Botany
Deciduous, monoecious, small to medium-sized trees up to 30(-39) m tall; bole columnar to sinuous, up to 60(-95) cm in diameter, sometimes fluted at base, sometimes with steep buttresses; bark surface smooth to finely cracked, greyish, in S. baccatum becoming coarsely fissured and dark brown with age, inner bark finely fibrous, often yellowish-brown, with or without white latex. Leaves arranged spirally, simple, entire to serrate; petiole with 2 glands at apex, red; stipules minute. Flowers in an axillary or terminal simple spike or raceme of spikes, male or female ones in different inflorescences or with a few female flowers at base of the otherwise male spike; calyx small, 2-3-lobed; petals absent; disk absent. Male flowers fascicled; stamens 2-3, free or shortly connate; pistillode absent. Female flowers solitary; ovary superior, 2-3-locular with 1 ovule in each cell, styles basally connate, stigmas entire. Fruit a small, woody or leathery capsule dehiscing into 4-6 parts often leaving the central column. Seed black, with a thin, fleshy sarcotesta. Seedling with epigeal germination; cotyledons emergent; hypocotyl elongated; first pair of leaves opposite, subsequent ones arranged spirally.

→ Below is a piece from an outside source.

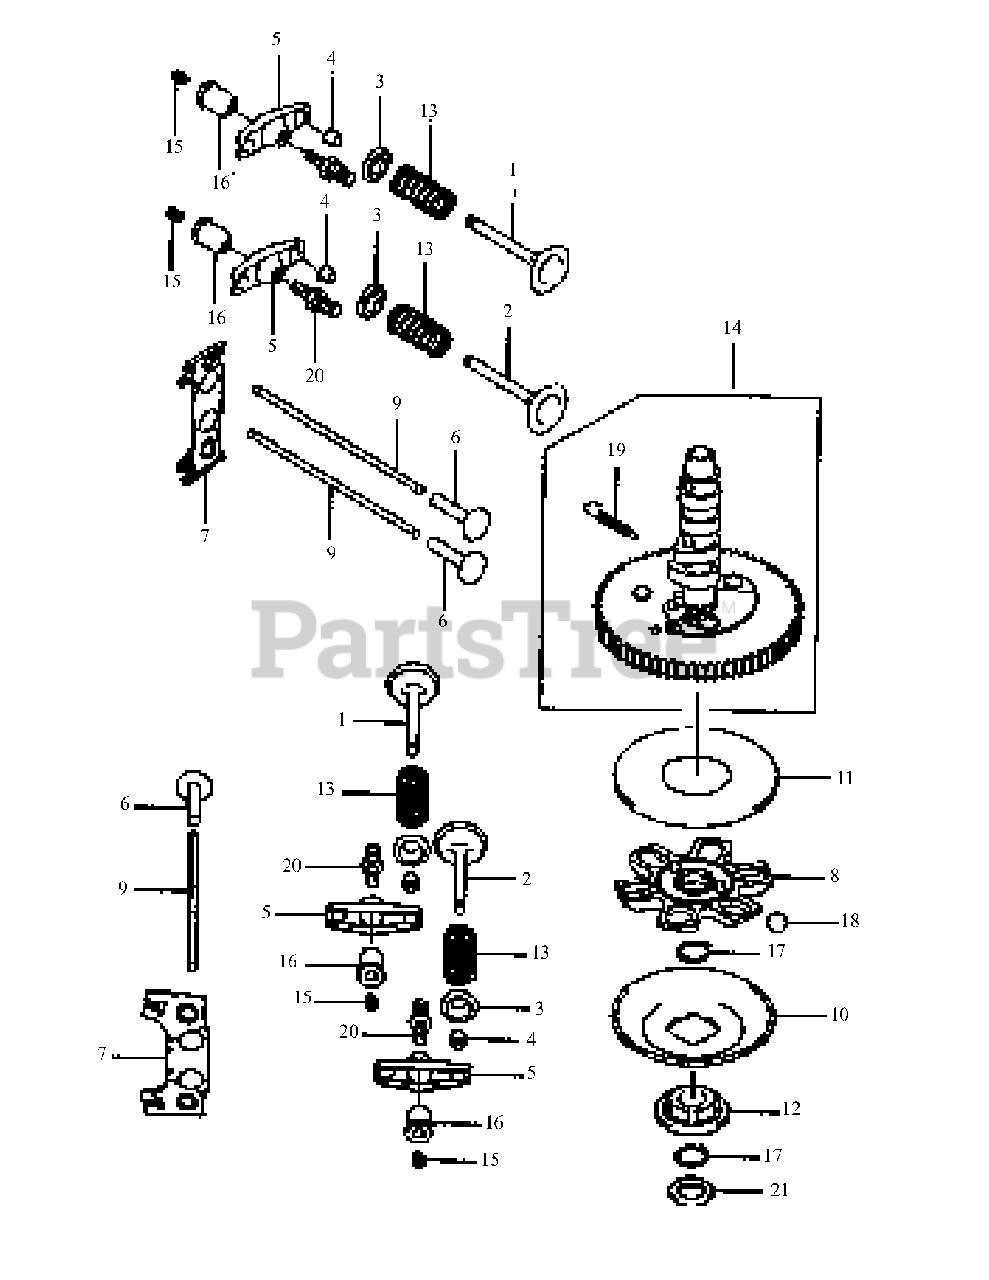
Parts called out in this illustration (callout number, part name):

Sapling growth of S. discolor is intermittent; at the end of the season the leading shoot dies back and one or two of the variably whorled twigs take its place, thus leading to a seemingly dichotomous branching pattern. This tree shape is according to Koriba's architectural model. In India a mean annual diameter increment of 0.8-1.7 cm has been recorded for S. sebiferum; early growth may be very rapid, plants attained 12 cm in diameter and 4.8 m in height after only 3 years and 9 months. In Peninsular Malaysia a mean annual diameter increment of 1.2-1.6 cm has been recorded for S. baccatum. An annual production of 22-26 m3/ha in a 4-year rotation has been recorded for firewood plantations in Texas, United States. In Peninsular Malaysia S. baccatum flowered in April-May though not in all years of observation, but fruits never developed. It produced new leaves in February-April and sometimes also in July-September. S. discolor renews its leaves after a pronounced dry spell. Birds and mammals eat the sarcotesta of the seeds and thus disperse them.
The generic boundaries between Sapium and related genera (e.g. Excoecaria) are not very clear, and various taxonomic publications treat some of the species mentioned here in various other genera. The delimitation followed here represents a conservative view.